Reading Corrupt Data

Created: February 3, 2015 Tagged As: .net, C#, General, Language Share:

I don't know how many times I have been given an old Microsoft Access database to import into a new SQL Server-based system I am writing only to run into SQL Data Import errors that say some cryptic message. Usually these are caused by corruption in the Access (or Excel) data source that the native program seems to know how to gloss over but everything else does not.

I usually then must resort to C# code to read and parse the data. The preferred mechanism for this is ADO.net and there is a ton of information about connecting it to various data sources, so I won't go into that here. What most articles fails to discuss is the DataAdapter.FillError event. Were it not for this event, we would be stuck with an all-or-nothing approach to data import: either you get the entire table, or, if even one tiny error occurs, nothing at all.

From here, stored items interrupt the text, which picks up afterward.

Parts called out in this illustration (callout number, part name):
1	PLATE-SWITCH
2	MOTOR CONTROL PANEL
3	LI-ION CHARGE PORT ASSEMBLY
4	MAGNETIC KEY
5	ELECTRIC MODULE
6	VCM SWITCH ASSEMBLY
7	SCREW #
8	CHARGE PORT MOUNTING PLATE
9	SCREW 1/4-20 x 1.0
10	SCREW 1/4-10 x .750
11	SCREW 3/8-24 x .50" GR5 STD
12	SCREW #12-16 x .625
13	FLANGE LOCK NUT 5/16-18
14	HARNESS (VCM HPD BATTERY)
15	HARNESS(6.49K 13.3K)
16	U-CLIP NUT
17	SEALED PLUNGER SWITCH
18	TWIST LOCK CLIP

The FillError event is called for every ‚Äčrow that generates and error. When handling this event, you will notice that the event arguments passed in have a property named Continue. Setting this to true tells the DataAdapter that you've acknowledged the issue and it can keep going.

The code example below shows how this event can be used:

public class FillErrorTest
{
   public DataTable FillTable()
   {
      DataTable tableToFill = null; 
      System.Data.OleDb.OleDbDataAdapter daOLE = new System.Data.OleDb.OleDbDataAdapter(); 
      daOLE.FillError += daOLE_FillError;
      daOLE.SelectCommand = new System.Data.OleDb.OleDbCommand() { CommandText = "SELECT * FROM MyTable", CommandType = CommandType.Text };
      daOLE.Fill(tableToFill); return tableToFill;
   }

   private void daOLE_FillError(object sender, FillErrorEventArgs e)
   {
      Console.WriteLine("Fill error!!");
      e.Continue = true;
   }
} 

Now I know that this doesn't help you get data from the row(s) that are corrupt, but at least the rest of the data source can be read and my clients generally feel that 99% (or better) of data retrieval is better than none. And if you can use the FillError event to log which row(s) cannot be read, then manually entering the information would then be possible.